Thus, Hegel by no means denies that the consummate cognition of the absolute has to be preceded by an “examination” of cognition. However, the type of this examination and the essence of the cognition of the absolute that is subjected to this examination can be determined only, if it can be determined at all, from the absolute itself.

If we begin the examination of cognition and of its faculty in the usual manner, we thereby already possess a concept of cognition. The latter serves as a “tool” with which we tackle the object that is to be cognized. But in order to be able to decide on the suitability or unsuitability of this tool we must already have cognized the object that is to be cognized. The cognizing relationship to the absolute is already presupposed. The same holds true if cognition is taken not as a “tool” but as a “medium” through which the light of truth reaches us. “Tool” and “medium” both have the character of a means. If, however, we take the cognition of the absolute as a means, then we misrecognize the essence and the sense of absolute cognition and of the absolute. For it is the essence of the absolute to include in itself everything that is relative and every relation to what is relative and thus also every relation of the relative to the absolute; because otherwise it would not be the absolute. The absolute can, therefore, never be something that we could first bring closer to ourselves through any kind of “tool,” as if the absolute could at first not be with us. The absolute as absolute is “both in and for itself already with us,” yes indeed, “it wants to be with us” (WW II, 60 [§73]).1,[10] By the same token, cognition is not a medium between us and the absolute, namely in such a way that cognition would amount to the refraction of the ray of cognition by the medium.
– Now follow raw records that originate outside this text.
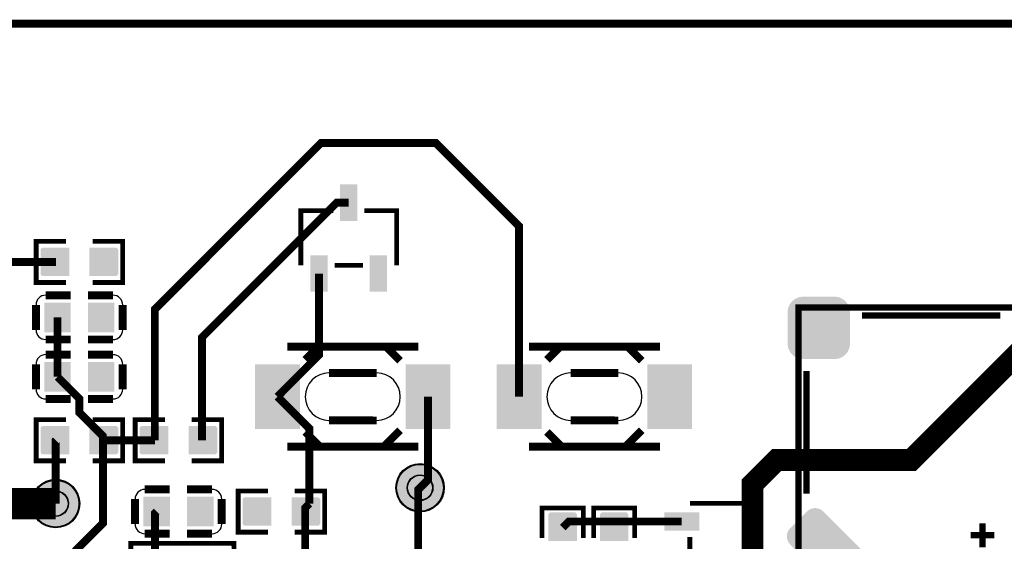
# Model space of a CAD drawing. Header units: millimetres. Extents: x -7 to 115, y -66 to 7.
# Tile 5 of 6: x 64 to 96, y -10 to 7. Entities that reach past the tile are written whole.
import ezdxf

# ---------------------------------------------------------------- set-up
doc = ezdxf.new("R2010")
doc.units = ezdxf.units.MM
for name, color, linetype, true_color in [('BoardOutLine', 7, 'Continuous', 0xff00ff), ('BottomLayer', 7, 'Continuous', 0x0000ff), ('BottomSolderMaskLayer', 7, 'Continuous', 0xaa00ff), ('Document', 7, 'Continuous', 0xffffff), ('Multi-Layer', 7, 'Continuous', 0xc0c0c0), ('TopLayer', 7, 'Continuous', 0xff0000), ('TopPasteMaskLayer', 7, 'Continuous', 0x808080), ('TopSilkLayer', 7, 'Continuous', 0xffcc00), ('TopSolderMaskLayer', 7, 'Continuous', 0x800080)]:
    doc.layers.add(name, color=color, linetype=linetype, true_color=true_color)

msp = doc.modelspace()

# ---------------------------------------------------------------- hatches: boundary and pattern name
at = {"layer": 'BottomSolderMaskLayer'}
for points in [[(76.05975361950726, -8.255016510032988, 1), (77.61055372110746, -8.255016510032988, 1)], [(64.37573025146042, -8.763017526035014, 1), (65.92653035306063, -8.763017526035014, 1)]]:
    msp.add_hatch(color=256, dxfattribs=at).paths.add_polyline_path(points)
at = {"layer": 'TopLayer'}
for points in [[(74.28343916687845, 0.346913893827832), (74.81541783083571, 0.346913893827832), (74.81541783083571, 1.4169164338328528), (74.28343916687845, 1.4169164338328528)], [(65.56311912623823, -1.44800609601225), (65.56311912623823, -0.583997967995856), (64.75664211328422, -0.583997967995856), (64.75664211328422, -1.44800609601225)], [(66.26314452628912, -1.44800609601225), (66.26314452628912, -0.583997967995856), (67.06962153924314, -0.583997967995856), (67.06962153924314, -1.44800609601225)], [(73.3334264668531, -1.9230886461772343), (73.8654305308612, -1.9230886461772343), (73.8654305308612, -0.8530861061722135), (73.3334264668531, -0.8530861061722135)], [(75.23342646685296, -1.9230886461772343), (75.76543053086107, -1.9230886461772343), (75.76543053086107, -0.8530861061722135), (75.23342646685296, -0.8530861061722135)], [(90.61823723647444, -3.6309372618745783), (90.61442722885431, -3.691389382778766), (90.60375920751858, -3.7505715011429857), (90.58572517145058, -3.8082296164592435), (90.56083312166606, -3.8633477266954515), (90.52959105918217, -3.9151638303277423), (90.49250698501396, -3.962661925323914), (90.44983489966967, -4.00533401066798), (90.4023368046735, -4.042418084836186), (90.35052070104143, -4.073660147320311), (90.29540259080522, -4.098552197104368), (90.23774447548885, -4.11658623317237), (90.17856235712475, -4.127254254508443), (90.11811023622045, -4.131064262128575), (89.11811023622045, -4.131064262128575), (89.05791211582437, -4.127254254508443), (88.99847599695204, -4.11658623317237), (88.94081788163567, -4.098552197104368), (88.88569977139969, -4.073660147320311), (88.83413766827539, -4.042418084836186), (88.78663957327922, -4.00533401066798), (88.74396748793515, -3.962661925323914), (88.70662941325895, -3.9151638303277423), (88.6753873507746, -3.8633477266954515), (88.65074930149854, -3.8082296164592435), (88.63271526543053, -3.7505715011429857), (88.62179324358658, -3.691389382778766), (88.61823723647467, -3.6309372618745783), (88.61823723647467, -2.6309372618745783), (88.62179324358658, -2.5707391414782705), (88.63271526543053, -2.5113030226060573), (88.65074930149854, -2.4536449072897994), (88.6753873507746, -2.3985267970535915), (88.70662941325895, -2.3469646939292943), (88.74396748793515, -2.2994665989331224), (88.78663957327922, -2.256794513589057), (88.83413766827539, -2.2194564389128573), (88.88569977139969, -2.188214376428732), (88.94081788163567, -2.1635763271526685), (88.99847599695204, -2.1455422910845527), (89.05791211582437, -2.134620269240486), (89.11811023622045, -2.1310642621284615), (90.11811023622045, -2.1310642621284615), (90.17856235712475, -2.134620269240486), (90.23774447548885, -2.1455422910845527), (90.29540259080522, -2.1635763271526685), (90.35052070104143, -2.188214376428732), (90.4023368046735, -2.2194564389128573), (90.44983489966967, -2.256794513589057), (90.49250698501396, -2.2994665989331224), (90.52959105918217, -2.3469646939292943), (90.56083312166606, -2.3985267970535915), (90.58572517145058, -2.4536449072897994), (90.60375920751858, -2.5113030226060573), (90.61442722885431, -2.5707391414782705), (90.61823723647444, -2.6309372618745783)], [(65.61313182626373, -3.2440182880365), (64.81313182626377, -3.2440182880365), (64.81313182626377, -2.3439928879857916), (65.61313182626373, -2.3439928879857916)], [(67.01313182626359, -3.2440182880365), (66.21313182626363, -3.2440182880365), (66.21313182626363, -2.3439928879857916), (67.01313182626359, -2.3439928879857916)], [(65.61313182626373, -5.149022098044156), (64.81313182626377, -5.149022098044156), (64.81313182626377, -4.248996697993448), (65.61313182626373, -4.248996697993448)], [(67.01313182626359, -5.149022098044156), (66.21313182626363, -5.149022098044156), (66.21313182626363, -4.248996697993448), (67.01313182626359, -4.248996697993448)], [(72.96441452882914, -4.335026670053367), (72.96441452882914, -6.335026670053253), (71.56441452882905, -6.335026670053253), (71.56441452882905, -4.335026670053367)], [(77.7904241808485, -4.335026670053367), (77.7904241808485, -6.335026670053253), (76.39042418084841, -6.335026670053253), (76.39042418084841, -4.335026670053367)], [(80.71143002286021, -4.335026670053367), (80.71143002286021, -6.335026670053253), (79.31143002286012, -6.335026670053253), (79.31143002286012, -4.335026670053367)], [(85.53743967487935, -4.335026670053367), (85.53743967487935, -6.335026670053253), (84.13743967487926, -6.335026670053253), (84.13743967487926, -4.335026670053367)], [(65.56311912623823, -7.163017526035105), (65.56311912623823, -6.299009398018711), (64.75664211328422, -6.299009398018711), (64.75664211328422, -7.163017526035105)], [(66.26314452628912, -7.163017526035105), (66.26314452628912, -6.299009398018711), (67.06962153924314, -6.299009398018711), (67.06962153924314, -7.163017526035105)], [(68.73812547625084, -6.299009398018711), (68.73812547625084, -7.163017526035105), (67.93164846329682, -7.163017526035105), (67.93164846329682, -6.299009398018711)], [(69.43815087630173, -6.299009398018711), (69.43815087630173, -7.163017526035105), (70.24462788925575, -7.163017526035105), (70.24462788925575, -6.299009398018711)], [(67.98813817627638, -8.567005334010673), (68.78813817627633, -8.567005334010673), (68.78813817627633, -9.467030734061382), (67.98813817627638, -9.467030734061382)], [(69.38813817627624, -8.567005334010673), (70.18813817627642, -8.567005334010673), (70.18813817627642, -9.467030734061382), (69.38813817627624, -9.467030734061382)], [(72.04013208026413, -8.585013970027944), (72.04013208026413, -9.449022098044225), (71.23365506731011, -9.449022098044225), (71.23365506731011, -8.585013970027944)], [(72.74015748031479, -8.585013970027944), (72.74015748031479, -9.449022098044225), (73.54663449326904, -9.449022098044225), (73.54663449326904, -8.585013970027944)], [(81.83916687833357, -9.937007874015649), (80.97515875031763, -9.937007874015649), (80.97515875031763, -9.13053086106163), (81.83916687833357, -9.13053086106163)], [(82.62616205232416, -9.937007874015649), (83.49017018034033, -9.937007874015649), (83.49017018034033, -9.13053086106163), (82.62616205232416, -9.13053086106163)], [(84.69057658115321, -9.070231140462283), (84.69057658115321, -9.60223520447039), (85.76057912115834, -9.60223520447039), (85.76057912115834, -9.070231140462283)], [(89.23469646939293, -9.017272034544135), (89.26873253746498, -8.987299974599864), (89.30607061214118, -8.961645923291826), (89.34620269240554, -8.940563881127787), (89.38836677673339, -8.92456184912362), (89.43230886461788, -8.913639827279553), (89.47726695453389, -8.90805181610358), (89.52273304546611, -8.90805181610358), (89.56769113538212, -8.913639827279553), (89.61163322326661, -8.92456184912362), (89.65379730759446, -8.940563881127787), (89.69392938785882, -8.961645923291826), (89.73126746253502, -8.987299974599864), (89.76504953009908, -9.017272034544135), (90.93192786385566, -10.18415036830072), (90.96189992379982, -10.217932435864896), (90.98755397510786, -10.255270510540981), (91.00863601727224, -10.29540259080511), (91.02463804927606, -10.337566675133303), (91.03556007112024, -10.38150876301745), (91.0411480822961, -10.426466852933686), (91.0411480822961, -10.471932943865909), (91.03556007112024, -10.516891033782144), (91.02463804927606, -10.560833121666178), (91.00863601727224, -10.602997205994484), (90.98755397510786, -10.643129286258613), (90.96189992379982, -10.6804673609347), (90.93192786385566, -10.714503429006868), (90.40157480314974, -11.244602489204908), (90.36753873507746, -11.274828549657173), (90.33045466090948, -11.300482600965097), (90.29032258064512, -11.32156464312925), (90.24790449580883, -11.337566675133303), (90.20396240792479, -11.34848869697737), (90.15900431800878, -11.35382270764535), (90.11379222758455, -11.35382270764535), (90.06883413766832, -11.34848869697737), (90.02489204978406, -11.337566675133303), (89.98247396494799, -11.32156464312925), (89.94234188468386, -11.300482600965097), (89.90500381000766, -11.274828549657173), (89.8712217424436, -11.244602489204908), (88.70459740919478, -10.077978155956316), (88.67437134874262, -10.044196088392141), (88.64871729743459, -10.006858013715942), (88.62763525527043, -9.966725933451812), (88.61163322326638, -9.92430784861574), (88.60071120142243, -9.880365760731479), (88.59537719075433, -9.835407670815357), (88.59537719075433, -9.790195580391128), (88.60071120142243, -9.745237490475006), (88.61163322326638, -9.701295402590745), (88.62763525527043, -9.658877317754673), (88.64871729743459, -9.618745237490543), (88.67437134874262, -9.581661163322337), (88.70459740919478, -9.547625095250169)]]:
    msp.add_hatch(color=256, dxfattribs=at).paths.add_polyline_path(points)
at = {"layer": 'TopPasteMaskLayer'}
for points in [[(74.28343916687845, 0.346913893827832), (74.81541783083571, 0.346913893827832), (74.81541783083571, 1.4169164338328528), (74.28343916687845, 1.4169164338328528)], [(64.71811023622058, -1.465989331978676), (65.51811023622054, -1.465989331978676), (65.56812293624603, -1.4159766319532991), (65.56812293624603, -1.1880111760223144), (65.19812039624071, -1.1880111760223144), (65.19812039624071, -0.8580137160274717), (65.56812293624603, -0.8580137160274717), (65.56812293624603, -0.6159766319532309), (65.51811023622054, -0.5659893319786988), (64.71811023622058, -0.5659893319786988), (64.66812293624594, -0.6159766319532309), (64.66812293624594, -1.4159766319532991)], [(67.10815341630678, -0.56601473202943), (66.30815341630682, -0.56601473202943), (66.25814071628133, -0.6160274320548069), (66.25814071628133, -0.8439928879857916), (66.62814325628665, -0.8439928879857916), (66.62814325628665, -1.1739903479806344), (66.25814071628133, -1.1739903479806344), (66.25814071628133, -1.4160274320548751), (66.30815341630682, -1.4660147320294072), (67.10815341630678, -1.4660147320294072), (67.15814071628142, -1.4160274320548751), (67.15814071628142, -0.6160274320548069)], [(73.3334264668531, -1.9230886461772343), (73.8654305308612, -1.9230886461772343), (73.8654305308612, -0.8530861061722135), (73.3334264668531, -0.8530861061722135)], [(75.23342646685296, -1.9230886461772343), (75.76543053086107, -1.9230886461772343), (75.76543053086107, -0.8530861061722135), (75.23342646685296, -0.8530861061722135)], [(65.61313182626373, -3.2440182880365), (64.81313182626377, -3.2440182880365), (64.81313182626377, -2.3439928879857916), (65.61313182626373, -2.3439928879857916)], [(67.01313182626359, -3.2440182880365), (66.21313182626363, -3.2440182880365), (66.21313182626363, -2.3439928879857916), (67.01313182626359, -2.3439928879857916)], [(65.61313182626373, -5.149022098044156), (64.81313182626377, -5.149022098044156), (64.81313182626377, -4.248996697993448), (65.61313182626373, -4.248996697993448)], [(67.01313182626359, -5.149022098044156), (66.21313182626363, -5.149022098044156), (66.21313182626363, -4.248996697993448), (67.01313182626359, -4.248996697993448)], [(72.96441452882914, -4.335026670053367), (72.96441452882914, -6.335026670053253), (71.56441452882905, -6.335026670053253), (71.56441452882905, -4.335026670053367)], [(77.7904241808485, -4.335026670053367), (77.7904241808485, -6.335026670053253), (76.39042418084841, -6.335026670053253), (76.39042418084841, -4.335026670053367)], [(80.71143002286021, -4.335026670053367), (80.71143002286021, -6.335026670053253), (79.31143002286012, -6.335026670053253), (79.31143002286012, -4.335026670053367)], [(85.53743967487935, -4.335026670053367), (85.53743967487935, -6.335026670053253), (84.13743967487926, -6.335026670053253), (84.13743967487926, -4.335026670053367)], [(64.71811023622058, -7.181000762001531), (65.51811023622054, -7.181000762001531), (65.56812293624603, -7.130988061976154), (65.56812293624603, -6.90302260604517), (65.19812039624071, -6.90302260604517), (65.19812039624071, -6.573025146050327), (65.56812293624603, -6.573025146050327), (65.56812293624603, -6.330988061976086), (65.51811023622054, -6.281000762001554), (64.71811023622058, -6.281000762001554), (64.66812293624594, -6.330988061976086), (64.66812293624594, -7.130988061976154)], [(67.10815341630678, -6.281026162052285), (66.30815341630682, -6.281026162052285), (66.25814071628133, -6.331038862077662), (66.25814071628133, -6.559004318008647), (66.62814325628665, -6.559004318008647), (66.62814325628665, -6.88900177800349), (66.25814071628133, -6.88900177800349), (66.25814071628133, -7.13103886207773), (66.30815341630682, -7.181026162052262), (67.10815341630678, -7.181026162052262), (67.15814071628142, -7.13103886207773), (67.15814071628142, -6.331038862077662)], [(67.89311658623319, -7.181000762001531), (68.69311658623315, -7.181000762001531), (68.74312928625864, -7.130988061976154), (68.74312928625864, -6.90302260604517), (68.37312674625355, -6.90302260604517), (68.37312674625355, -6.573025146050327), (68.74312928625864, -6.573025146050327), (68.74312928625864, -6.330988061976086), (68.69311658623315, -6.281000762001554), (67.89311658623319, -6.281000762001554), (67.84312928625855, -6.330988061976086), (67.84312928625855, -7.130988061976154)], [(70.28315976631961, -6.281026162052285), (69.48315976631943, -6.281026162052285), (69.43314706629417, -6.331038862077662), (69.43314706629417, -6.559004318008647), (69.80314960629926, -6.559004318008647), (69.80314960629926, -6.88900177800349), (69.43314706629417, -6.88900177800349), (69.43314706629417, -7.13103886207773), (69.48315976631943, -7.181026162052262), (70.28315976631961, -7.181026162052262), (70.33314706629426, -7.13103886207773), (70.33314706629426, -6.331038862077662)], [(67.98813817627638, -8.567005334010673), (68.78813817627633, -8.567005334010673), (68.78813817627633, -9.467030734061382), (67.98813817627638, -9.467030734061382)], [(69.38813817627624, -8.567005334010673), (70.18813817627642, -8.567005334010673), (70.18813817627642, -9.467030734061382), (69.38813817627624, -9.467030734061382)], [(71.19512319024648, -9.46700533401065), (71.99512319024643, -9.46700533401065), (72.04513589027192, -9.416992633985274), (72.04513589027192, -9.189027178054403), (71.6751333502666, -9.189027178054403), (71.6751333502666, -8.859029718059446), (72.04513589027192, -8.859029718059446), (72.04513589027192, -8.616992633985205), (71.99512319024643, -8.567005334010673), (71.19512319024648, -8.567005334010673), (71.14513589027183, -8.616992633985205), (71.14513589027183, -9.416992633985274)], [(73.5851663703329, -8.567030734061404), (72.78516637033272, -8.567030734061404), (72.73515367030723, -8.617043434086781), (72.73515367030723, -8.845008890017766), (73.10515621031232, -8.845008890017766), (73.10515621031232, -9.175006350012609), (72.73515367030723, -9.175006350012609), (72.73515367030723, -9.41704343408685), (72.78516637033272, -9.467030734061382), (73.5851663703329, -9.467030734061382), (73.63515367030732, -9.41704343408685), (73.63515367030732, -8.617043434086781)], [(80.95717551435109, -9.091998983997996), (80.95717551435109, -9.89199898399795), (81.00718821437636, -9.942011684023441), (81.23515367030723, -9.942011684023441), (81.23515367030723, -9.572009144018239), (81.56515113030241, -9.572009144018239), (81.56515113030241, -9.942011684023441), (81.80718821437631, -9.942011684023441), (81.85717551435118, -9.89199898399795), (81.85717551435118, -9.091998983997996), (81.80718821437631, -9.04201168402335), (81.00718821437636, -9.04201168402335)], [(82.60817881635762, -9.091998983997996), (82.60817881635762, -9.89199898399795), (82.65819151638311, -9.942011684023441), (82.88615697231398, -9.942011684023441), (82.88615697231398, -9.572009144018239), (83.21615443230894, -9.572009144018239), (83.21615443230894, -9.942011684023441), (83.45819151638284, -9.942011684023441), (83.50817881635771, -9.89199898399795), (83.50817881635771, -9.091998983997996), (83.45819151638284, -9.04201168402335), (82.65819151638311, -9.04201168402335)], [(84.69057658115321, -9.070231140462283), (84.69057658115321, -9.60223520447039), (85.76057912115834, -9.60223520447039), (85.76057912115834, -9.070231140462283)]]:
    msp.add_hatch(color=256, dxfattribs=at).paths.add_polyline_path(points)
at = {"layer": 'TopSolderMaskLayer'}
for points in [[(74.270812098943, 0.2958300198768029), (74.82804731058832, 0.2958300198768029), (74.82804731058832, 1.4680051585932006), (74.270812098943, 1.4680051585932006)], [(65.58852637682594, -1.4734061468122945), (65.58852637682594, -0.5585979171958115), (64.73124926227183, -0.5585979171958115), (64.73124926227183, -1.4734061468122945)], [(66.23773727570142, -1.4734061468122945), (66.23773727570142, -0.5585979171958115), (67.09501439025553, -0.5585979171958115), (67.09501439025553, -1.4734061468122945)], [(73.3207969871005, -1.9741725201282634), (73.87805880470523, -1.9741725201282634), (73.87805880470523, -0.8019973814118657), (73.3207969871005, -0.8019973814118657)], [(75.22080060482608, -1.9741725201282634), (75.7780624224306, -1.9741725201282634), (75.7780624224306, -0.8019973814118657), (75.22080060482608, -0.8019973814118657)], [(65.63853348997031, -3.2694190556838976), (64.78773338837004, -3.2694190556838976), (64.78773338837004, -2.318592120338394), (65.63853348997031, -2.318592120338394)], [(67.03853026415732, -3.2694190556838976), (66.18773016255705, -3.2694190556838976), (66.18773016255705, -2.318592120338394), (67.03853026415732, -2.318592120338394)], [(65.63853348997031, -5.174422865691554), (64.78773338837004, -5.174422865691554), (64.78773338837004, -4.22359593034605), (65.63853348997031, -4.22359593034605)], [(67.03853026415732, -5.174422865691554), (66.18773016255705, -5.174422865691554), (66.18773016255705, -4.22359593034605), (67.03853026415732, -4.22359593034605)], [(72.98219456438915, -4.298740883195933), (72.98219456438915, -6.371312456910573), (71.54663449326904, -6.371312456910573), (71.54663449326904, -4.298740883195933)], [(77.80820421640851, -4.298740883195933), (77.80820421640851, -6.371312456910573), (76.3726441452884, -6.371312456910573), (76.3726441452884, -4.298740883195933)], [(80.72921005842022, -4.298740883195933), (80.72921005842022, -6.371312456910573), (79.29364998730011, -6.371312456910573), (79.29364998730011, -4.298740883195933)], [(85.55521971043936, -4.298740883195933), (85.55521971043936, -6.371312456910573), (84.11965963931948, -6.371312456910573), (84.11965963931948, -4.298740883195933)], [(65.58852637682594, -7.18841757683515), (65.58852637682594, -6.273609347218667), (64.73124926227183, -6.273609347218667), (64.73124926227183, -7.18841757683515)], [(66.23773727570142, -7.18841757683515), (66.23773727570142, -6.273609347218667), (67.09501439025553, -6.273609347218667), (67.09501439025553, -7.18841757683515)], [(68.76353272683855, -6.273609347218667), (68.76353272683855, -7.18841757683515), (67.90625561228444, -7.18841757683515), (67.90625561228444, -6.273609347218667)], [(69.41274362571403, -6.273609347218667), (69.41274362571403, -7.18841757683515), (70.27002074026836, -7.18841757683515), (70.27002074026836, -6.273609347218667)], [(76.05975361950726, -8.255016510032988, 1), (77.61055372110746, -8.255016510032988, 1)], [(64.37573025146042, -8.763017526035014, 1), (65.92653035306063, -8.763017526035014, 1)], [(67.96273973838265, -8.541604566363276), (68.81353983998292, -8.541604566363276), (68.81353983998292, -9.49243150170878), (67.96273973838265, -9.49243150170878)], [(69.36273651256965, -8.541604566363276), (70.21353661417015, -8.541604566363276), (70.21353661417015, -9.49243150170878), (69.36273651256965, -9.49243150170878)], [(72.06553933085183, -8.559613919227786), (72.06553933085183, -9.474422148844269), (71.20826221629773, -9.474422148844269), (71.20826221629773, -8.559613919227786)], [(72.71475022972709, -8.559613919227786), (72.71475022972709, -9.474422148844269), (73.57202734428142, -9.474422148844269), (73.57202734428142, -8.559613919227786)], [(81.8663788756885, -9.960723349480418), (80.94794675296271, -9.960723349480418), (80.94794675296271, -9.106828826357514), (81.8663788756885, -9.106828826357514)], [(82.59895005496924, -9.960723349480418), (83.51738217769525, -9.960723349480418), (83.51738217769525, -9.106828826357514), (82.59895005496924, -9.106828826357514)], [(84.66517773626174, -9.04482502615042), (84.66517773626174, -9.627629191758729), (85.78598037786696, -9.627629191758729), (85.78598037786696, -9.04482502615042)]]:
    msp.add_hatch(color=256, dxfattribs=at).paths.add_polyline_path(points)

# ---------------------------------------------------------------- linework, layer by layer
at = {"layer": 'BoardOutLine', "const_width": 0.25400050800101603}
msp.add_lwpolyline([(3.9370078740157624, 6.61912623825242), (103.759207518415, 6.61912623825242)], dxfattribs=at)
at = {"layer": 'BottomLayer'}
for points, const_width in [([(76.77500635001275, -14.919253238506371), (76.77500635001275, -8.31516383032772), (76.83515367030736, -8.255016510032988)], 0.25400050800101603), ([(55.62611125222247, -14.097028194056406), (60.960121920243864, -8.763017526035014), (65.15113030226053, -8.763017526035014)], 1)]:
    msp.add_lwpolyline(points, dxfattribs=dict(at, const_width=const_width))
at = {"layer": 'BottomSolderMaskLayer'}
for centre, radius in [((76.83515367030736, -8.255016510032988), 0.7754000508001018), ((76.83510287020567, -8.254991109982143), 0.41354669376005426), ((65.15113030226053, -8.763017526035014), 0.7754000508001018), ((65.15113030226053, -8.762941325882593), 0.41354669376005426)]:
    msp.add_circle(centre, radius, dxfattribs=at)
at = {"layer": 'Document', "const_width": 0.20320040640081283}
msp.add_lwpolyline([(97.46812293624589, -10.98094996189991), (88.96824993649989, -10.98094996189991), (88.96824993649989, -2.4810769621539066), (97.46812293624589, -2.4810769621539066), (97.46812293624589, -10.98094996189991)], close=True, dxfattribs=at)
at = {"layer": 'Document'}
for centre in [(73.59944119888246, -1.904495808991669), (84.70916941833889, -9.336296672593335)]:
    msp.add_circle(centre, 0.10007620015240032, dxfattribs=at)
at = {"layer": 'Multi-Layer'}
for centre, radius in [((76.83515367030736, -8.255016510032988), 0.7500000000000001), ((76.83510287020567, -8.254991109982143), 0.4), ((65.15113030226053, -8.763017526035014), 0.7500000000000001), ((65.15113030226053, -8.762941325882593), 0.4)]:
    msp.add_circle(centre, radius, dxfattribs=at)
at = {"layer": 'TopLayer'}
for points, const_width in [([(68.3337566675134, -6.731013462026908), (68.3337566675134, -2.5323850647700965), (73.66014732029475, 2.794005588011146), (77.34315468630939, 2.794005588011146), (80.01016002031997, 0.12700025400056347), (80.01016002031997, -5.334010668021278)], 0.25400050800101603), ([(69.8425196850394, -6.731013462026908), (69.8425196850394, -3.436626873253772), (74.16052832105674, 0.8813817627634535), (74.54914909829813, 0.8813817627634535)], 0.25400050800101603), ([(62.230124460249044, -0.5080010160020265), (62.73812547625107, -1.016002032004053), (65.15974091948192, -1.016002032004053)], 0.25400050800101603), ([(72.26314452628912, -5.334010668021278), (73.59918719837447, -3.9979679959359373), (73.59918719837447, -1.3888747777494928)], 0.25400050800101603), ([(65.21310642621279, -2.794005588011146), (65.21310642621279, -4.699009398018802)], 0.25400050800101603), ([(96.81813563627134, -3.131064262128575), (92.58318516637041, -7.366014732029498), (88.26517653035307, -7.366014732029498), (87.49530099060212, -8.135890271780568), (87.49530099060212, -10.287020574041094)], 0.7000000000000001), ([(65.21310642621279, -4.699009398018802), (65.91313182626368, -5.399034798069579), (65.91313182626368, -5.842011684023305), (66.6664973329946, -6.595377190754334), (66.6664973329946, -6.731013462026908)], 0.25400050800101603), ([(72.26314452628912, -5.334010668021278), (73.28778257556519, -6.358648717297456), (73.28778257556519, -8.763017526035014)], 0.25400050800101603), ([(77.08915417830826, -5.334010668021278), (77.08915417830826, -8.001016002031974), (76.83515367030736, -8.255016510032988)], 0.25400050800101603), ([(64.24942849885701, -16.728473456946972), (64.24942849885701, -11.82372364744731), (66.66751333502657, -9.390398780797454), (66.66751333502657, -6.731013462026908)], 0.25400050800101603), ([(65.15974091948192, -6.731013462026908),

Cognition is rather “the ray itself through which the truth touches us” (ibid. [§73]).

Almost in passing and hidden away in subordinate clauses, Hegel introduces in the first paragraph of the “Introduction” the idea that supports his metaphysics: The absolute is already with us and wants to be with us. Cognition is the ray of the absolute that touches us, not an undertaking that we carry out “afterward” in the direction of the absolute. We should know from the genuine recollection in the history of metaphysics that the latter, since the time of Plato and Aristotle, thinks beings only as beings by thinking at the same time the highest being (τιμιώτατον ὄν = τὸ θεῖον), and this as the ground and the originary cause [Ur-sache] (ἀϱχή—αἴτιον) of all beings and thus of being. By thinking beings as beings (ὂν ᾗ ὄν), metaphysics is ontological. By thinking beings as beings from the highest being, metaphysics is theological. Metaphysics is in its essence ontotheological. This holds true not only for Plato’s metaphysics and the metaphysics of Aristotle, let alone only for Christian metaphysics. Modern metaphysics is from Descartes to Nietzsche also ontotheology. The grounding and the evidence of the principle of self-certainty of the ego cogito has its foundation in the idea innata substantiae infinitae, i.e., Dei. Each monad sees the universe from a particular perspective and thus the divine central monad. According to Kant, all human reason, as the basic relation of man’s essence to beings, is determined by the postulates of practical reason in which the existence of the highest good is posited as the unconditioned. And even being as the “will to power” is, according to Nietzsche, possible only on the basis of the unconditioned, which he can express only as “the eternal recurrence of the same.”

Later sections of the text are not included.